Onlookers might be fooled into thinking they

are seeing exquisite motorcars far superior to their rust buckets.

Little do they realize they are witnessing something much darker.

In reality, what they are looking at is the wasted lives of guys

with troubled minds and far too much free time. I know this because

I am one of those troubled guys.

What we do is compulsive. We’ve got an out-of-control obsession

that is not normal. We squander countless hours fussing over

our cars like a mother orangutan grooms her young.

There is no single diagnosis that explains why my fraternity of

troubled individuals wastes their lives with rags in hand, polishing.

According to one theory, some of us have this peculiar mindset:

our cars are material extensions of our egos. If you kick our bumpers

or fenders, we feel as though you’ve kicked us in the kneecaps.

Alternatively, when we see people gathered around our shiny, vision-of-

perfection roadsters, our egos soar to euphoric highs.

For other distraught guys, a day spent scrubbing and wiping

is a therapeutic thing. According to this thesis, washing all those

splotches of tar, grime, and bug splats down the drain is like purging

the mind of its torment. Polishing our cars provides the same self-realization

fulfillment as we would get spending an hour with our

psychotherapists—at a price we can afford.

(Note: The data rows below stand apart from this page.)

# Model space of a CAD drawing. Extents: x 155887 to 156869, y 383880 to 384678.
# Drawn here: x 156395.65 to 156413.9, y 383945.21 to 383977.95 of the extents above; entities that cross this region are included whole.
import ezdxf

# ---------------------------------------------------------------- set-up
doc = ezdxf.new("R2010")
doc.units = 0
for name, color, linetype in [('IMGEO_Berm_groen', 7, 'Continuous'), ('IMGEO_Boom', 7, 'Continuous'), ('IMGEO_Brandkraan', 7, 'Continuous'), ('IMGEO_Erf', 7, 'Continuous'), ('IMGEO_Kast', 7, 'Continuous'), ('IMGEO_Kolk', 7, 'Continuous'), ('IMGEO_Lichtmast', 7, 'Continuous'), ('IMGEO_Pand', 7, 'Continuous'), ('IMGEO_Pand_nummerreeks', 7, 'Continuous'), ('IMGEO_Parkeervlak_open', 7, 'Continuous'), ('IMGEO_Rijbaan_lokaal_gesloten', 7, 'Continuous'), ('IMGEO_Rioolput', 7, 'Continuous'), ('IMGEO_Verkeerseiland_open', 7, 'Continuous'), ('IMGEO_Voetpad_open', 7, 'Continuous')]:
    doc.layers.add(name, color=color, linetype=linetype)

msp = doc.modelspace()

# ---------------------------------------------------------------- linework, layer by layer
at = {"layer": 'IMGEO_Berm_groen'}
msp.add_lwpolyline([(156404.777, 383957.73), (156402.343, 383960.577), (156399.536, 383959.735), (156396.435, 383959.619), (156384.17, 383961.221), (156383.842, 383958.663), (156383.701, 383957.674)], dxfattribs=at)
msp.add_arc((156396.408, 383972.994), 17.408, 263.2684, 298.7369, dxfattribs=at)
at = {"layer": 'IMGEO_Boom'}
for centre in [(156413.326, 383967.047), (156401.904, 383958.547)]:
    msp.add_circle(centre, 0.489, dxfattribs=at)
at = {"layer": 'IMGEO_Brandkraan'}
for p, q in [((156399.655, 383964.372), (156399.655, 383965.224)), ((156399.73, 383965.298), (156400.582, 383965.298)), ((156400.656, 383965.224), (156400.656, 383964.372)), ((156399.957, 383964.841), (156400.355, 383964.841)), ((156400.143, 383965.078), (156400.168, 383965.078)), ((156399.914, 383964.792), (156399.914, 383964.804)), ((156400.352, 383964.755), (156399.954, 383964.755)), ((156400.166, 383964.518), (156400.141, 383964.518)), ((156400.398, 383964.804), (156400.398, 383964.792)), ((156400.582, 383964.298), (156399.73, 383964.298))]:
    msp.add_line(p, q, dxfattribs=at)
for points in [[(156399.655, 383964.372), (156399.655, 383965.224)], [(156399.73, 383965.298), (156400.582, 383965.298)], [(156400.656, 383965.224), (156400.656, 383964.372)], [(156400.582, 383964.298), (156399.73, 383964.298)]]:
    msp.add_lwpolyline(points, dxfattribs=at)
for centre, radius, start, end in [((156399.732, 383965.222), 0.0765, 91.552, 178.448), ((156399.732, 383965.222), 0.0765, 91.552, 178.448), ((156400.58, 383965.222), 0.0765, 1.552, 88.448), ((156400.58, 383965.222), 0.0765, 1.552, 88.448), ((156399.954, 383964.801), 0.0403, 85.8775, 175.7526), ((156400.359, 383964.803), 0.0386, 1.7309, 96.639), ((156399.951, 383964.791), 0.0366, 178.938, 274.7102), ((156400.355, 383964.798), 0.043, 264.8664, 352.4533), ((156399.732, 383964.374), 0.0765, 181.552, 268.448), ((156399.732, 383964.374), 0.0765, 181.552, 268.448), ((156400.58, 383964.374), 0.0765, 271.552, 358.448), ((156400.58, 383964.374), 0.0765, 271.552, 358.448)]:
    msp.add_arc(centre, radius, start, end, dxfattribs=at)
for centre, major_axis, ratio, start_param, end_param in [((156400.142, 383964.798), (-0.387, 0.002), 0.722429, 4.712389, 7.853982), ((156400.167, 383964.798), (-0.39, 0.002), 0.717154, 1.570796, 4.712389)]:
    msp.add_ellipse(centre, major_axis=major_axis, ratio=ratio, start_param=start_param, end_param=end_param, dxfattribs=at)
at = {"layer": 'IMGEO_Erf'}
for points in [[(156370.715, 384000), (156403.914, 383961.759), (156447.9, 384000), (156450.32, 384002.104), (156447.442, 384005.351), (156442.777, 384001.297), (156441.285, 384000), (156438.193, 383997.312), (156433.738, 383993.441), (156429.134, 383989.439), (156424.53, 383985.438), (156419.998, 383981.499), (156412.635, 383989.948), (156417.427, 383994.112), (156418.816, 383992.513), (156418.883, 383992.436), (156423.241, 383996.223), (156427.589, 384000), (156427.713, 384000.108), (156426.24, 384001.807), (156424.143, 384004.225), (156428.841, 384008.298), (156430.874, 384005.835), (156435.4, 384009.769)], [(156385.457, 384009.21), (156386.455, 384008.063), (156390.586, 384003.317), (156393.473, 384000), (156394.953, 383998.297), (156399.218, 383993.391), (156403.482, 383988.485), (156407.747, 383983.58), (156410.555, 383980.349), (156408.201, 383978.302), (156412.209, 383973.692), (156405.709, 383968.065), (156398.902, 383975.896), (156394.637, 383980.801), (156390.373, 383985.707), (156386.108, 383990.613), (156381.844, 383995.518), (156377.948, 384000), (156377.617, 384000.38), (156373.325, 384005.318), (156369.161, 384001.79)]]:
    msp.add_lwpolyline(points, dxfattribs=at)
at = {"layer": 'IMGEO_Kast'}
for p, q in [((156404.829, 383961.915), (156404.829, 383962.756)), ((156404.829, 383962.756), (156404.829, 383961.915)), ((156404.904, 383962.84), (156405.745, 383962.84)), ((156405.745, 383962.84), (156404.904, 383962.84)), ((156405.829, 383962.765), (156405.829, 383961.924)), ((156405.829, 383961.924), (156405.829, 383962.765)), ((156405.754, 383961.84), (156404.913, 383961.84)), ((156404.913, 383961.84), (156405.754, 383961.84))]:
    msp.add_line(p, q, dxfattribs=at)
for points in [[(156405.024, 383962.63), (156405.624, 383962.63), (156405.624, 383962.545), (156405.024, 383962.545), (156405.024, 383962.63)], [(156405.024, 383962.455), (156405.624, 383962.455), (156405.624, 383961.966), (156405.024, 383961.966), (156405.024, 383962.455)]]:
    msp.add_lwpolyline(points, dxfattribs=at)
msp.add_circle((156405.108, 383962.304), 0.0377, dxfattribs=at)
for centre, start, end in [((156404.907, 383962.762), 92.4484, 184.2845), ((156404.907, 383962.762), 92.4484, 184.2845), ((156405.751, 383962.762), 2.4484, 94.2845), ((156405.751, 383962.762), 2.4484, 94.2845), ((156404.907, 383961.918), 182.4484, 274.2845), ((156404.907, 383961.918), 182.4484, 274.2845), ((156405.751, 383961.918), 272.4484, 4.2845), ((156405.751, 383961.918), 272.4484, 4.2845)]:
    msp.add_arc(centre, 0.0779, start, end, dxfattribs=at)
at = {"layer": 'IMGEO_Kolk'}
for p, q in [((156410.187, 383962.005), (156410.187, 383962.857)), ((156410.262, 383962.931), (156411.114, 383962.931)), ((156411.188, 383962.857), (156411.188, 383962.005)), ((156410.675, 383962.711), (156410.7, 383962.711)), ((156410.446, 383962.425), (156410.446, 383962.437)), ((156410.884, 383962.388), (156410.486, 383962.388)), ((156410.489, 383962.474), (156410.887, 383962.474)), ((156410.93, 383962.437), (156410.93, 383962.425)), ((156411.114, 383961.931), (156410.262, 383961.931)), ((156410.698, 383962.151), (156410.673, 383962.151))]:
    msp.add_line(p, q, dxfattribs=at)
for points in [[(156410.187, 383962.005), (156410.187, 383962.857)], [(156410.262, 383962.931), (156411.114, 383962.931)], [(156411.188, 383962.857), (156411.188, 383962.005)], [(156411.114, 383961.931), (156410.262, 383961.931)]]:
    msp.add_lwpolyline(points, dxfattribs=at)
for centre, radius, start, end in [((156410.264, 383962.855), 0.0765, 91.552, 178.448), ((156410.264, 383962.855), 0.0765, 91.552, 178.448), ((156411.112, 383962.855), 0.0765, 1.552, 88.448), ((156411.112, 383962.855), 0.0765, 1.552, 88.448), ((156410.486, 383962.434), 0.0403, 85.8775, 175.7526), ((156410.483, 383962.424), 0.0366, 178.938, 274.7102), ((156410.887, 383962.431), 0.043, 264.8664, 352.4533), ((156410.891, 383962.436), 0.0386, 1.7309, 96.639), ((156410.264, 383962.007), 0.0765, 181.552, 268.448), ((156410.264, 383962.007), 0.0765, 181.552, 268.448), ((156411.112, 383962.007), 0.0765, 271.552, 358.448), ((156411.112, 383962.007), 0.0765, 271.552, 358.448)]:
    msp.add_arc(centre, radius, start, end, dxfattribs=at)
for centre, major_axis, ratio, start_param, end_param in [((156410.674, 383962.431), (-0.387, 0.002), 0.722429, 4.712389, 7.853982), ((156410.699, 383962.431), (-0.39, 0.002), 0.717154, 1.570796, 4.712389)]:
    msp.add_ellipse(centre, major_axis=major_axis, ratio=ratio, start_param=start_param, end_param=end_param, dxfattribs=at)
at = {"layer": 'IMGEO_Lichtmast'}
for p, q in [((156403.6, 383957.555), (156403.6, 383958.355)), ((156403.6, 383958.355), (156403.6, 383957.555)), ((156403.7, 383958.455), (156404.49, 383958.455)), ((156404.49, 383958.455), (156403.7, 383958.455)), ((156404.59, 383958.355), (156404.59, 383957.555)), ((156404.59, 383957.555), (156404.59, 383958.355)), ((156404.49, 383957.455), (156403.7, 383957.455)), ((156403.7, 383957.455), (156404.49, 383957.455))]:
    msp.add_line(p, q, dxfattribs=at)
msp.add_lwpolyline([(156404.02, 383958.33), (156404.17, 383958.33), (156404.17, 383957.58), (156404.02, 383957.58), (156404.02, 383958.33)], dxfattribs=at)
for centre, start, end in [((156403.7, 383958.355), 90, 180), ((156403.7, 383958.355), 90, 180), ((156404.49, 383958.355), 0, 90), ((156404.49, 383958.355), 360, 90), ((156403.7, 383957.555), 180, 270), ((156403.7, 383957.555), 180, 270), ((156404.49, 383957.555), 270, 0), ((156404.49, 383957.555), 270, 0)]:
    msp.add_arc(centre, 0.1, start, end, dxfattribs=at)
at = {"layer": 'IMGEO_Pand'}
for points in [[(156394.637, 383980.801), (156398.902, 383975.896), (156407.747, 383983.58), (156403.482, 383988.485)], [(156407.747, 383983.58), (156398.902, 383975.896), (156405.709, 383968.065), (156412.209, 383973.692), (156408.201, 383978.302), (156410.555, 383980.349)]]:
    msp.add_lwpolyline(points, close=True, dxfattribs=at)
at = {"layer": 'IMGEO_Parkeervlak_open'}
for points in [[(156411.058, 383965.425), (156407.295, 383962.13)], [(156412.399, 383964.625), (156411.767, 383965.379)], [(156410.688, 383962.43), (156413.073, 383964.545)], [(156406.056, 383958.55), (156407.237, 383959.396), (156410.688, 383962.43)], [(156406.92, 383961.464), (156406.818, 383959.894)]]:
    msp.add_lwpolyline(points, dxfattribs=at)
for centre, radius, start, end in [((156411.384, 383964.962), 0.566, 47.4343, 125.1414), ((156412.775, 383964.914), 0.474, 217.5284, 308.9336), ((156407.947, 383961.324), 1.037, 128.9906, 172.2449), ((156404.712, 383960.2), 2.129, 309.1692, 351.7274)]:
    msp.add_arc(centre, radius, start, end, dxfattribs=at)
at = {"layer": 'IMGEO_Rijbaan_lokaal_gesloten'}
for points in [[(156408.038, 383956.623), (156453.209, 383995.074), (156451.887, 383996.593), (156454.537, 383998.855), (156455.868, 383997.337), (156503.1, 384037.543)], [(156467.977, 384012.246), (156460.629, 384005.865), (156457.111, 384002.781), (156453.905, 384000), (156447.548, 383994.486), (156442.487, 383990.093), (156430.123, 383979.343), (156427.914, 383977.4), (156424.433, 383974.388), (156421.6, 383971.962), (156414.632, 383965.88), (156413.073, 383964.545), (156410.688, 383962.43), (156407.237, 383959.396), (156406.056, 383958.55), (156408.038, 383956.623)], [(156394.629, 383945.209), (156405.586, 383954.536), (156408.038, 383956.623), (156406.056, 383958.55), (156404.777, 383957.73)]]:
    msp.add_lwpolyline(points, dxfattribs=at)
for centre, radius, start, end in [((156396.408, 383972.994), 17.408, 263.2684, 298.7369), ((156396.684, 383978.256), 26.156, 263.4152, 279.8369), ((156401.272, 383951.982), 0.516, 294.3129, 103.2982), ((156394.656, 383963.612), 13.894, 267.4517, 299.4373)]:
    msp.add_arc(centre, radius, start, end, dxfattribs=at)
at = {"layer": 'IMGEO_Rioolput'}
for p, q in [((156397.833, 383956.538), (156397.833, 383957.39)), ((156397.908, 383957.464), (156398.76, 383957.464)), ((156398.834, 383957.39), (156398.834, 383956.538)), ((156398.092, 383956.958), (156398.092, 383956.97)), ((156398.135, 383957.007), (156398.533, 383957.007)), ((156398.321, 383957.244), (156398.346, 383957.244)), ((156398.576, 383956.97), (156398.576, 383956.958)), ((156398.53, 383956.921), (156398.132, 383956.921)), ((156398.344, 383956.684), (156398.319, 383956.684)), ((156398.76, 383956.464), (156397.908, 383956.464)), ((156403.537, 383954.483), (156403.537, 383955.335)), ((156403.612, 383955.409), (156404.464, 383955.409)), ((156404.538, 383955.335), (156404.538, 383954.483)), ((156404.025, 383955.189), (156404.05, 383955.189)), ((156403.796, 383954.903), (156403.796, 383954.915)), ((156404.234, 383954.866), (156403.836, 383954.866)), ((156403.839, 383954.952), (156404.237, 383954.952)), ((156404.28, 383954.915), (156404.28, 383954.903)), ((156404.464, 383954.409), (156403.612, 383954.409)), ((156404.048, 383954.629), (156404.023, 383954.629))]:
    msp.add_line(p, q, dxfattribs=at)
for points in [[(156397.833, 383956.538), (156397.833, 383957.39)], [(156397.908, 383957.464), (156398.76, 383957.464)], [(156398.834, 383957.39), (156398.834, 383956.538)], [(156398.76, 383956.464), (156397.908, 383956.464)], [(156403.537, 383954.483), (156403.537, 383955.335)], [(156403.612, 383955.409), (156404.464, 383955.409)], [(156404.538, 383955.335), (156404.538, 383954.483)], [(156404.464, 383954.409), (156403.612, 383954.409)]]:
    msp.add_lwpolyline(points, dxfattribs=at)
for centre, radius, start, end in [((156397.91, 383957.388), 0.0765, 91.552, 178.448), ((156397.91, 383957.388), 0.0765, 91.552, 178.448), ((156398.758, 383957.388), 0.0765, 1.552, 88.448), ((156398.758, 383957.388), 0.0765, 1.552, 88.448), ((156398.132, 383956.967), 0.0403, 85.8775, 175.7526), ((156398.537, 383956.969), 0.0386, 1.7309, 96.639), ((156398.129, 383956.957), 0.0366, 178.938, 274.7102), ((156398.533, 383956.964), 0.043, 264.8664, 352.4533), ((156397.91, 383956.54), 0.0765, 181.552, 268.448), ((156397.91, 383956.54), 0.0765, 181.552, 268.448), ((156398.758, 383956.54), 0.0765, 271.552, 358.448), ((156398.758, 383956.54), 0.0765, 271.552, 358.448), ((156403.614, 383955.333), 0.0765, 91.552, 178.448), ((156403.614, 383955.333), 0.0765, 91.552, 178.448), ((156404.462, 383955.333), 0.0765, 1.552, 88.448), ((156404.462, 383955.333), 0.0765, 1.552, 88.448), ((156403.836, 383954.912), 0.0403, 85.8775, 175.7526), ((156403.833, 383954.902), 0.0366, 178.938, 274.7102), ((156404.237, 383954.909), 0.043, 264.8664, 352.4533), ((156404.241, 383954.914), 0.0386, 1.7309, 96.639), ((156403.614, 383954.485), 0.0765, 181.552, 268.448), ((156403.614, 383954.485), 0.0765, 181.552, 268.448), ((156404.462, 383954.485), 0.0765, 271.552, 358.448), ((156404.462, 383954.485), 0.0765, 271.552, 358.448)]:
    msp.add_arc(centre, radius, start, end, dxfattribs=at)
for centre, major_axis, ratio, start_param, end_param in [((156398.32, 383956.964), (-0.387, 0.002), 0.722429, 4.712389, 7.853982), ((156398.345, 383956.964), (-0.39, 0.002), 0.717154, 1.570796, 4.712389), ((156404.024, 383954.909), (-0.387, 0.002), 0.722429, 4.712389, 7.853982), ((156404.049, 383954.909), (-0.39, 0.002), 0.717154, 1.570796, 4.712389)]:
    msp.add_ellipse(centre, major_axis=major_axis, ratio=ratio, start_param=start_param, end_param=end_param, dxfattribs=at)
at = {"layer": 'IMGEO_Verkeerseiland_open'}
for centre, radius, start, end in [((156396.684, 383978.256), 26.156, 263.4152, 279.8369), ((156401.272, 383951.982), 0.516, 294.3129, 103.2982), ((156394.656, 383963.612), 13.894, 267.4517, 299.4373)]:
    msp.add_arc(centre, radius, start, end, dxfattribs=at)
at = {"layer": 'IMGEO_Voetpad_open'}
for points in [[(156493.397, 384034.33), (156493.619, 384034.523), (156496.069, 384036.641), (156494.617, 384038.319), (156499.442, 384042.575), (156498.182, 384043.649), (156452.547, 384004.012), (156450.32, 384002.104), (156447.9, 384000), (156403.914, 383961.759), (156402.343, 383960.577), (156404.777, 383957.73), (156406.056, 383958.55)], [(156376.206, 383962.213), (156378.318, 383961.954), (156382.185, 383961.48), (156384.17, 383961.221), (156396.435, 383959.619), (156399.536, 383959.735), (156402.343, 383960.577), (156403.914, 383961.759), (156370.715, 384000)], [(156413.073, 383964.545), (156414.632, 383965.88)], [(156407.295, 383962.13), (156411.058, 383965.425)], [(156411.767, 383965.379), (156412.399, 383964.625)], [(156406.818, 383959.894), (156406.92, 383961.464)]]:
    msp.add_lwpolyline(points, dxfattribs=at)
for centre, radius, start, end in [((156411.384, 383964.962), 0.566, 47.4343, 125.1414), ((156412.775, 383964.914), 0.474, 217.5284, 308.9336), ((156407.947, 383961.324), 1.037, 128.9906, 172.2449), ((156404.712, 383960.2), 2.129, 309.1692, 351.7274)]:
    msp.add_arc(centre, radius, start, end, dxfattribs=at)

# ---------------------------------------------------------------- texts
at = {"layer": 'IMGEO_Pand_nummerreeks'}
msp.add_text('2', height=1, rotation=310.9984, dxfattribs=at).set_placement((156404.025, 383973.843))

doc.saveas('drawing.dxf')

For still others, this is a transformational, Zen moment.

Remember the Karate Kid movie where Japanese Master Miyagi

helps the young man realize his quest to become a martial arts

champ? The kid is promised that if he waxes the master’s pickup

truck, the inner mysteries of karate will be revealed to him. The kid

keeps scouring and polishing. After weeks of scrubbing, he not only

wins his championship and the pretty girl; he also becomes one with

the universe—and Miyagi’s old truck. All of us car-washing guys

should be so lucky. (I’m still waiting.)

Then some guys are more difficult to diagnose. They

are called to the chamois skin and car wax by some inexplicable,

higher force of nature.

Car guys feel an imperative primal urge—a bit like the wildebeest migrating

across the Serengeti. He gets the call. He doesn’t think

about it. He just ups and goes.

When the first sunny day of spring arrives, I pay homage to this

car cleansing force. Once the warmer

weather arrives, my roadster must sparkle! That higher power calls

down, “Grab the chamois, the soap, and the hose!”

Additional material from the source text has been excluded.